**Task goal:** Copy the records below line by line and word for word, from the very first line through the line with "doc.linetypes.add(name, pattern=pattern)", omitting each picture.

*** Opening Dataset extract ***

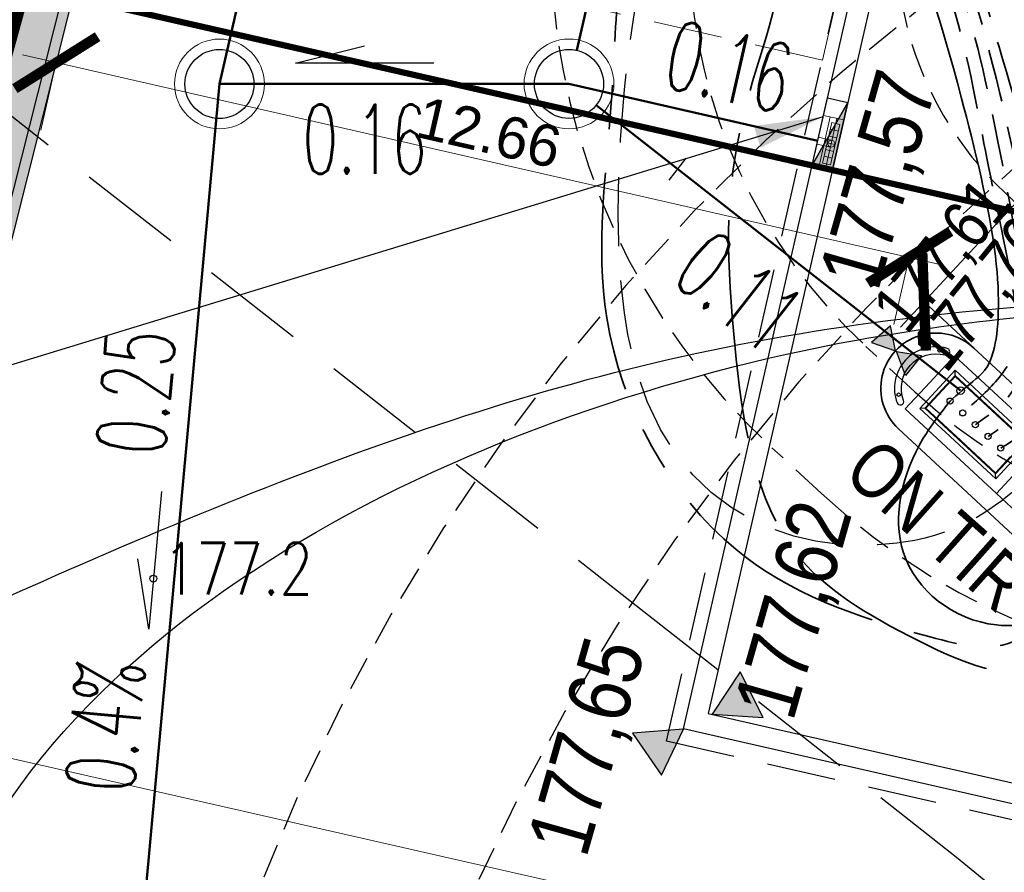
# Model space of a CAD drawing. Header units: metres. Extents: x 964 to 7125, y -212 to 9570.
# Tile 79 of 185: x 1912 to 1926, y 245 to 257. Entities that reach past the tile are written whole.
import ezdxf
from ezdxf import colors
from ezdxf.entities.mleader import LeaderData, LeaderLine
from ezdxf.enums import TextEntityAlignment as Align
from ezdxf.math import Vec2, Vec3

# ---------------------------------------------------------------- set-up
doc = ezdxf.new("R2010")
doc.units = ezdxf.units.M
for name, pattern in [('ACISOTGL', [3, 2, -1]), ('CENTER', [50.8, 31.75, -6.35, 6.35, -6.35]), ('CENTER2', [1.125, 0.75, -0.125, 0.125, -0.125]), ('CIĄGłA', [0]), ('DASH', [0.75, 0.5, -0.25]), ('DASHED', [0.75, 0.5, -0.25]), ('DASHEDX2', [38.1, 25.4, -12.7]), ('HIDDEN', [0.375, 0.25, -0.125]), ('HIDDENX2', [0.75, 0.5, -0.25])]:
    doc.linetypes.add(name, pattern=pattern)
for name, color, linetype, lineweight in [('_IE', 240, 'Continuous', 9), ('_ON', 10, 'Continuous', 35), ('_Pb95', 94, 'Continuous', 35), ('_Pb98', 160, 'Continuous', 35), ('_U95', 30, 'Continuous', 35), ('_VRS', 210, 'Continuous', 35), ('AGP1_granica_opracow', 7, 'Continuous', 15), ('AGP1_HATCH', 7, 'Continuous', 5), ('AGP1_koncepcja', 6, 'Continuous', 50), ('AGP1_KRAWEZNIKI NOWE', 7, 'Continuous', 30), ('AGP1_WYMIARY', 7, 'Continuous', 15), ('IS', 7, 'Continuous', 15), ('IS-KD-brudna', 96, 'Continuous', 50), ('IS-KD-brudna-studnie', 96, 'Continuous', 30), ('IS-KD-opis', 96, 'Continuous', 30), ('IS-KD-opis-rzedne', 96, 'Continuous', 30), ('LINIE PRZEKROJOWE', 7, 'Continuous', 9), ('opisy', 1, 'Continuous', 20), ('PODKŁAD MAPA', 7, 'Continuous', 9), ('STREFY GAZOCIĄG', 7, 'Continuous', 9), ('ZBIORNIKI', 7, 'Continuous', 9), ('ZP_IE', 1, 'Continuous', 9)]:
    doc.layers.add(name, color=color, linetype=linetype, lineweight=lineweight)
for name, color, linetype in [('Budowlane - Opisy', 7, 'Continuous'), ('Dzialki', 7, 'Continuous'), ('OT_Rzedna', 7, 'Continuous'), ('T_wiata', 251, 'Continuous'), ('WYMIARY', 9, 'Continuous'), ('ZP_strefy oddziaływania', 8, 'HIDDEN'), ('zz-odwodnienie', 5, 'Continuous')]:
    doc.layers.add(name, color=color, linetype=linetype)
doc.layers.add('IS-viewport', color=254, linetype='Continuous', lineweight=0, plot=False)
doc.styles.add('ARIAL', font='arial.ttf')
doc.styles.add('GENERATED_STYLE_1', font='arialbd.ttf', dxfattribs={"width": 0.999153})
doc.styles.add('IS-0.6', font='simplex.shx', dxfattribs={"width": 0.6})
doc.styles.get("Standard").update_dxf_attribs({"font": 'arial.ttf'})
doc.styles.add('STYL_ARIAL', font='simplex', dxfattribs={"width": 0.75, "oblique": 0.1})
doc.dimstyles.new('GENERATED_STYLE__61', dxfattribs={"dimtxt": 10, "dimasz": 9.5, "dimexe": 0.18, "dimexo": 0, "dimgap": 0.09, "dimtad": 0, "dimdec": 1, "dimzin": 0, "dimdsep": 46, "dimtxsty": 'GENERATED_STYLE_1', "dimblk": 'ARROWHEAD_1', "dimblk1": 'ARROWHEAD_1', "dimblk2": 'ARROWHEAD_1', "dimcen": 0.09, "dimclrd": 256, "dimclre": 256, "dimclrt": 256, "dimazin": 0, "dimtfac": 1, "dimtdec": 4, "dimtmove": 0, "dimatfit": 3, "dimfxl": 1, "dimtolj": 1, "dimtzin": 0, "dimarcsym": 0})

# ---------------------------------------------------------------- blocks, each defined once
blk = doc.blocks.new('wiata KZT')
at = {"color": 0, "extrusion": (2.19595e-08, -1.12215e-08, 1)}
for p, q in [((1836.121, 321.186, 0), (1835.611, 320.633, 0)), ((1836.124, 321.113, 0), (1835.684, 320.636, 0)), ((1836.124, 321.103, 0), (1835.693, 320.637, 0)), ((1837.224, 320.167, 0), (1836.121, 321.186, 0)), ((1836.124, 321.097, 0), (1836.121, 321.186, 0)), ((1837.151, 320.164, 0), (1836.124, 321.113, 0)), ((1837.142, 320.164, 0), (1836.124, 321.103, 0)), ((1835.699, 320.637, 0), (1836.124, 321.097, 0)), ((1837.135, 320.164, 0), (1836.124, 321.097, 0)), ((1835.699, 320.637, 0), (1835.611, 320.633, 0)), ((1835.984, 320.289, 0), (1835.611, 320.633, 0)), ((1836.711, 319.688, 0), (1835.684, 320.636, 0)), ((1836.711, 319.697, 0), (1835.693, 320.637, 0)), ((1835.699, 320.637, 0), (1836.205, 320.17, 0)), ((1836.714, 319.615, 0), (1835.984, 320.289, 0)), ((1836.711, 319.704, 0), (1836.205, 320.17, 0)), ((1837.142, 320.164, 0), (1836.711, 319.697, 0)), ((1837.151, 320.164, 0), (1836.711, 319.688, 0)), ((1837.224, 320.167, 0), (1836.714, 319.615, 0)), ((1836.711, 319.704, 0), (1836.923, 319.934, 0)), ((1836.714, 319.615, 0), (1836.711, 319.704, 0))]:
    blk.add_line(p, q, dxfattribs=at)
at = {"color": 18, "linetype": 'HIDDENX2', "lineweight": 30, "ltscale": 2, "true_color": 0x000000}
blk.add_lwpolyline([(1831.958, 315.809), (1837.796, 341.658), (1847.55, 339.455), (1841.711, 313.607), (1831.958, 315.809)], dxfattribs=at)
at = {"color": 0, "extrusion": (2.19595e-08, -1.12215e-08, 1), "elevation": 0}
for points in [[(1835.756, 321.011), (1836.112, 321.397), (1837.435, 320.176), (1837.079, 319.79)], [(1835.756, 321.011), (1835.4, 320.625), (1836.723, 319.404), (1837.079, 319.79)], [(1837.435, 320.176), (1836.723, 319.404), (1837.017, 319.133), (1837.729, 319.904), (1837.435, 320.176)]]:
    blk.add_lwpolyline(points, dxfattribs=at)
at = {"color": 0, "extrusion": (2.19595e-08, -1.12215e-08, 1)}
for centre in [(1836.05, 320.74, 0), (1836.234, 320.57, 0), (1836.417, 320.4, 0), (1836.601, 320.231, 0), (1836.785, 320.061, 0)]:
    blk.add_circle(centre, 0.0444, dxfattribs=at)
at = {"layer": 'T_wiata'}
for p, q in [((1832.202, 315.985), (1837.946, 341.42)), ((1838.173, 341.061), (1832.56, 316.211)), ((1832.56, 316.211), (1841.341, 314.228)), ((1841.568, 313.869), (1832.202, 315.985))]:
    blk.add_line(p, q, dxfattribs=at)
at = {"layer": 'T_wiata', "color": 7, "lineweight": 35}
blk.add_lwpolyline([(1841.262, 317.012, 0.014228), (1841.23, 317.043), (1836.389, 321.513, 1), (1835.304, 320.338), (1840.144, 315.868, 0.999899)], format="xyb", dxfattribs=at)
blk.add_lwpolyline([(1841.262, 317.012, 0.014228), (1841.23, 317.043), (1836.389, 321.513, 1), (1835.304, 320.338), (1840.144, 315.868, 0.999899)], format="xyb", dxfattribs=at)
at = {"layer": 'T_wiata'}
blk.add_lwpolyline([(1835.975, 321.408, 1.089639), (1836.004, 321.504), (1836.004, 321.504, 0.612828), (1835.283, 320.714), (1835.283, 320.714, 0.917735), (1835.378, 320.747), (1835.378, 320.747, -0.612828)], format="xyb", close=True, dxfattribs=at)
for centre in [(1835.896, 321.471), (1835.305, 320.831)]:
    blk.add_circle(centre, 0.025, dxfattribs=at)
blk.add_arc((1835.845, 320.925), 0.5, 198.9489, 198.9961, dxfattribs=at)
at = {"layer": 'opisy', "style": 'ARIAL', "width": 0.8}
blk.add_text('ON TIR+AdBlue', height=0.8, rotation=318.4708, dxfattribs=at).set_placement((1834.482, 319.654))
blk = doc.blocks.new('OTRN')
at = {"color": 0}
blk.add_circle((0, 0), 0.05, dxfattribs=at)
blk = doc.blocks.new('MDCP 20240606')
at = {"layer": 'Dzialki', "color": 251, "true_color": 0x636466, "const_width": 0.09}
blk.add_lwpolyline([(6592058.62, 5737961.47), (6592005.04, 5737973.66)], dxfattribs=at)
at = {"layer": 'OT_Rzedna', "color": 251, "true_color": 0x636466}
blk.add_blockref('OTRN', (6592007.06, 5737965.05), dxfattribs=at)
at = {"layer": 'OT_Rzedna', "color": 251, "true_color": 0x636466, "style": 'STYL_ARIAL', "width": 0.75}
blk.add_text('177.2', height=0.75, dxfattribs=at).set_placement((6592007.2016, 5737965.192), align=Align.MIDDLE_LEFT)
blk = doc.blocks.new('dwa zbiorniki 60 i 60+adblue')
at = {"color": 18, "linetype": 'ACISOTGL', "ltscale": 0.5, "true_color": 0x000000}
blk.add_lwpolyline([(2615.139, 91.001), (2614.757, 74.505), (2621.755, 74.347), (2622.137, 90.842)], close=True, dxfattribs=at)
blk = doc.blocks.new('d_rzędna')
at = {"layer": 'zz-odwodnienie'}
blk.add_hatch(color=0, dxfattribs=at).paths.add_polyline_path([(0, 0), (0.369, 0.639), (-0.369, 0.639)])
at = {"layer": 'zz-odwodnienie', "color": 0}
for p, q in [((-0.369, 0.639), (0, 0)), ((0.369, 0.639), (-0.369, 0.639)), ((-0.369, 0.639), (0, 0)), ((0.369, 0.639), (-0.369, 0.639)), ((0, 0), (0.369, 0.639)), ((0, 0), (0.369, 0.639))]:
    blk.add_line(p, q, dxfattribs=at)
blk = doc.blocks.new('d_wpust')
at = {"layer": 'zz-odwodnienie'}
blk.add_hatch(color=0, dxfattribs=at).paths.add_polyline_path([(-0.5, 0.6), (-0.5, 0), (0.5, 0)])
at = {"layer": 'zz-odwodnienie', "color": 0}
for p, q in [((-0.5, 0.6), (0.5, 0)), ((-0.5, 0), (-0.5, 0.6)), ((-0.5, 0.6), (0.5, 0.6)), ((0.5, 0.6), (0.5, 0)), ((0.5, 0), (-0.5, 0))]:
    blk.add_line(p, q, dxfattribs=at)
blk.add_lwpolyline([(-0.5, 0.6), (-0.5, 0), (0.5, 0)], close=True, dxfattribs=at)
blk = doc.blocks.new('opracowanie drogowe 20250115 konstantynów')
at = {"layer": 'zz-odwodnienie', "color": 5, "linetype": 'CIĄGłA', "lineweight": 0, "yscale": 0.5, "rotation": 77.14314280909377}
blk.add_blockref('d_wpust', (1923.449, 255.191), dxfattribs=at)
at = {"layer": 'zz-odwodnienie', "color": 5, "linetype": 'CIĄGłA', "lineweight": 0, "yscale": 0.5, "zscale": 0.5}
for p, xscale, rotation in [((1924.251, 252.084), 0.5, 41.31015859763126), ((1924.264, 252.071), -0.4999999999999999, 231.0473893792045)]:
    blk.add_blockref('d_rzędna', p, dxfattribs=dict(at, xscale=xscale, rotation=rotation))
at = {"layer": 'zz-odwodnienie', "color": 5, "linetype": 'CIĄGłA', "lineweight": 0}
for p, rotation in [((1921.597, 246.82), 296.4314976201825), ((1921.182, 246.607), 124.628384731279), ((1921.182, 246.607), 124.628384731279), ((1921.182, 246.607), 124.628384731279)]:
    blk.add_blockref('d_rzędna', p, dxfattribs=dict(at, rotation=rotation))
at = {"layer": 'zz-odwodnienie', "width": 5.78409, "attachment_point": 1}
for s, insert, char_height, rotation in [('{\\fArial Narrow|b0|i0|c238|p34;177,57}', (1923.129, 253.171), 0.9, 74.1295), ('{\\fArial Narrow|b0|i0|c238|p34;177,61}', (1923.872, 252.741, 0), 0.7, 50.9326), ('{\\fArial Narrow|b0|i0|c238|p34;177,76}', (1924.44, 252.184, 0), 0.7, 50.9326), ('{\\fArial Narrow|b0|i0|c238|p34;177,62}', (1921.899, 246.945), 0.9, 74.1295), ('{\\fArial Narrow|b0|i0|c238|p34;177,62}', (1921.899, 246.945), 0.9, 74.1295), ('{\\fArial Narrow|b0|i0|c238|p34;177,62}', (1921.899, 246.945), 0.9, 74.1295), ('{\\fArial Narrow|b0|i0|c238|p34;177,65}', (1918.907, 244.968), 0.9, 74.1295), ('{\\fArial Narrow|b0|i0|c238|p34;177,65}', (1918.907, 244.968), 0.9, 74.1295), ('{\\fArial Narrow|b0|i0|c238|p34;177,65}', (1918.907, 244.968), 0.9, 74.1295)]:
    blk.add_mtext(s, dxfattribs=dict(at, insert=insert, char_height=char_height, rotation=rotation))
blk = doc.blocks.new('PRZEKRÓJ TERENU OPIS PZT')
at = {"color": 251, "true_color": 0x636466}
blk.add_lwpolyline([(2751.914, 34.79), (2751.621, -72.808)], dxfattribs=at)
blk = doc.blocks.new('ARROWHEAD_1')
at = {"linetype": 'Continuous'}
blk.add_line((0, 0), (-1, 0), dxfattribs=at)
blk.add_circle((0, 0), 0.25, dxfattribs=at)
blk = doc.blocks.new('TP_20250415')
at = {"layer": '_ON', "linetype": 'CENTER2'}
blk.add_open_spline([(-2.881, 12.349, 0), (-2.456, 12.216, 0), (-1.435, 11.897, 0), (-0.205, 11.182, 0), (0.36, 8.489, 0), (2.824, 4.494, 0), (6.33, 1.071, 0), (5.487, -1.918, 0), (4.683, -3.166, 0), (4.299, -3.578, 0), (4.181, -3.705, 0)], degree=3, knots=[0, 0, 0, 0, 1.319171, 3.166507, 5.396118, 11.67374, 16.088455, 18.878747, 20.04457, 20.564695, 20.564695, 20.564695, 20.564695], dxfattribs=at)
at = {"layer": '_ON'}
for points, knots in [([(-2.918, 12.156, 0), (-2.645, 12.059, 0), (-1.945, 11.811, 0), (-0.25, 11.048, 0), (-0.797, 9.226, 0), (0.168, 6.365, 0), (2.062, 3.95, 0), (3.575, 1.925, 0), (3.675, -0.589, 0), (2.881, -1.734, 0), (2.586, -2.078, 0), (2.515, -2.16, 0)], [0, 0, 0, 0, 1.017628, 2.613121, 4.641164, 7.478472, 10.250982, 13.352045, 16.093368, 17.127803, 17.455054, 17.455054, 17.455054, 17.455054]), ([(-2.775, 11.927, 0), (-2.431, 11.788, 0), (-1.549, 11.431, 0), (-0.441, 10.593, 0), (-0.957, 9.438, 0), (-0.02, 6.389, 0), (1.627, 4.173, 0), (3.368, 1.965, 0), (3.478, -0.451, 0), (2.698, -1.564, 0), (2.403, -1.908, 0), (2.332, -1.99, 0)], [0, 0, 0, 0, 1.017628, 2.613121, 4.680725, 7.72363, 10.535635, 13.321454, 15.968978, 17.003412, 17.330663, 17.330663, 17.330663, 17.330663])]:
    blk.add_open_spline(points, degree=3, knots=knots, dxfattribs=at)
at = {"layer": '_ON', "linetype": 'DASHEDX2', "ltscale": 0.03}
blk.add_open_spline([(-3.223, 11.684, 0), (-2.844, 11.338, 0), (-1.821, 10.406, 0), (-0.879, 9.598, 0), (-1.188, 8.941, 0), (-0.095, 5.526, 0), (0.369, 3.033, 0), (0.47, 2.608, 0), (0.35, 0.633, 0), (-0.089, 0.347), (-0.255, 0.239, 0)], degree=3, knots=[0, 0, 0, 0, 1.065289, 2.875268, 5.881555, 8.068675, 10.915339, 12.355767, 13.387555, 14.012869, 14.012869, 14.012869, 14.012869], dxfattribs=at)
at = {"layer": '_Pb95', "linetype": 'CENTER', "ltscale": 0.03}
blk.add_open_spline([(-6.001, 13.061, 0), (-5.607, 12.919, 0), (-4.677, 12.584, 0), (-4.609, 12.715, 0), (-2.75, 10.175, 0), (-4.785, 13.438, 0), (2.612, 4.452, 0), (3.21, 3.624, 0), (4.584, 2.243, 0), (5.373, 0.836, 0), (5.253, -0.925, 0), (4.653, -2.172, 0), (4.177, -2.969, 0), (3.913, -3.257, 0), (3.814, -3.365, 0)], degree=3, knots=[0, 0, 0, 0, 0.834438, 1.96548, 2.939565, 9.339221, 12.05416, 14.399699, 15.80133, 17.384105, 19.19243, 20.793283, 21.52445, 21.963632, 21.963632, 21.963632, 21.963632], dxfattribs=at)
at = {"layer": '_Pb95', "linetype": 'DASHEDX2', "ltscale": 0.03}
blk.add_open_spline([(-6.343, 12.396, 0), (-6.027, 12.312, 0), (-5.19, 12.092, 0), (-4.846, 11.626, 0), (-3.826, 10.055, 0), (-3.078, 9.262, 0), (-2.149, 8.441, 0), (-0.834, 7.286, 0), (-0.261, 4.154, 0), (-0.134, 3.613, 0), (0.265, 1.612, 0), (-0.095, 1.04, 0), (-0.445, 0.734, 0), (-0.622, 0.579, 0)], degree=3, knots=[0, 0, 0, 0, 0.929582, 2.456971, 3.946562, 6.294892, 8.516908, 9.931081, 11.330328, 12.79894, 13.500651, 14.181164, 14.883188, 14.883188, 14.883188, 14.883188], dxfattribs=at)
at = {"layer": '_Pb98', "linetype": 'CENTER', "ltscale": 0.03}
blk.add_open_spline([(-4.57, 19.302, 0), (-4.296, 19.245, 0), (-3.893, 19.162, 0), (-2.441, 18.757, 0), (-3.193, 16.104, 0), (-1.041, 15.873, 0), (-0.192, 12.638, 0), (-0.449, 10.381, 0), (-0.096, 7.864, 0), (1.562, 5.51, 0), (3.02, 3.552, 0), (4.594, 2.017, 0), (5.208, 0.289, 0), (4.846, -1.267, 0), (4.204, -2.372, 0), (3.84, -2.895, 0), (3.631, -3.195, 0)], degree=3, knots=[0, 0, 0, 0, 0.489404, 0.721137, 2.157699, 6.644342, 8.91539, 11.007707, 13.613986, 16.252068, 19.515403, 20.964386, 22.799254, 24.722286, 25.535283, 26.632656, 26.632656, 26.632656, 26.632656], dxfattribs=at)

*** Closing Dataset extract ***

**Expected answer:**
# Model space of a CAD drawing. Header units: metres. Extents: x 964 to 7125, y -212 to 9570.
# Tile 79 of 185: x 1912 to 1926, y 245 to 257. Entities that reach past the tile are written whole.
import ezdxf
from ezdxf import colors
from ezdxf.entities.mleader import LeaderData, LeaderLine
from ezdxf.enums import TextEntityAlignment as Align
from ezdxf.math import Vec2, Vec3

# ---------------------------------------------------------------- set-up
doc = ezdxf.new("R2010")
doc.units = ezdxf.units.M
for name, pattern in [('ACISOTGL', [3, 2, -1]), ('CENTER', [50.8, 31.75, -6.35, 6.35, -6.35]), ('CENTER2', [1.125, 0.75, -0.125, 0.125, -0.125]), ('CIĄGłA', [0]), ('DASH', [0.75, 0.5, -0.25]), ('DASHED', [0.75, 0.5, -0.25]), ('DASHEDX2', [38.1, 25.4, -12.7]), ('HIDDEN', [0.375, 0.25, -0.125]), ('HIDDENX2', [0.75, 0.5, -0.25])]:
    doc.linetypes.add(name, pattern=pattern)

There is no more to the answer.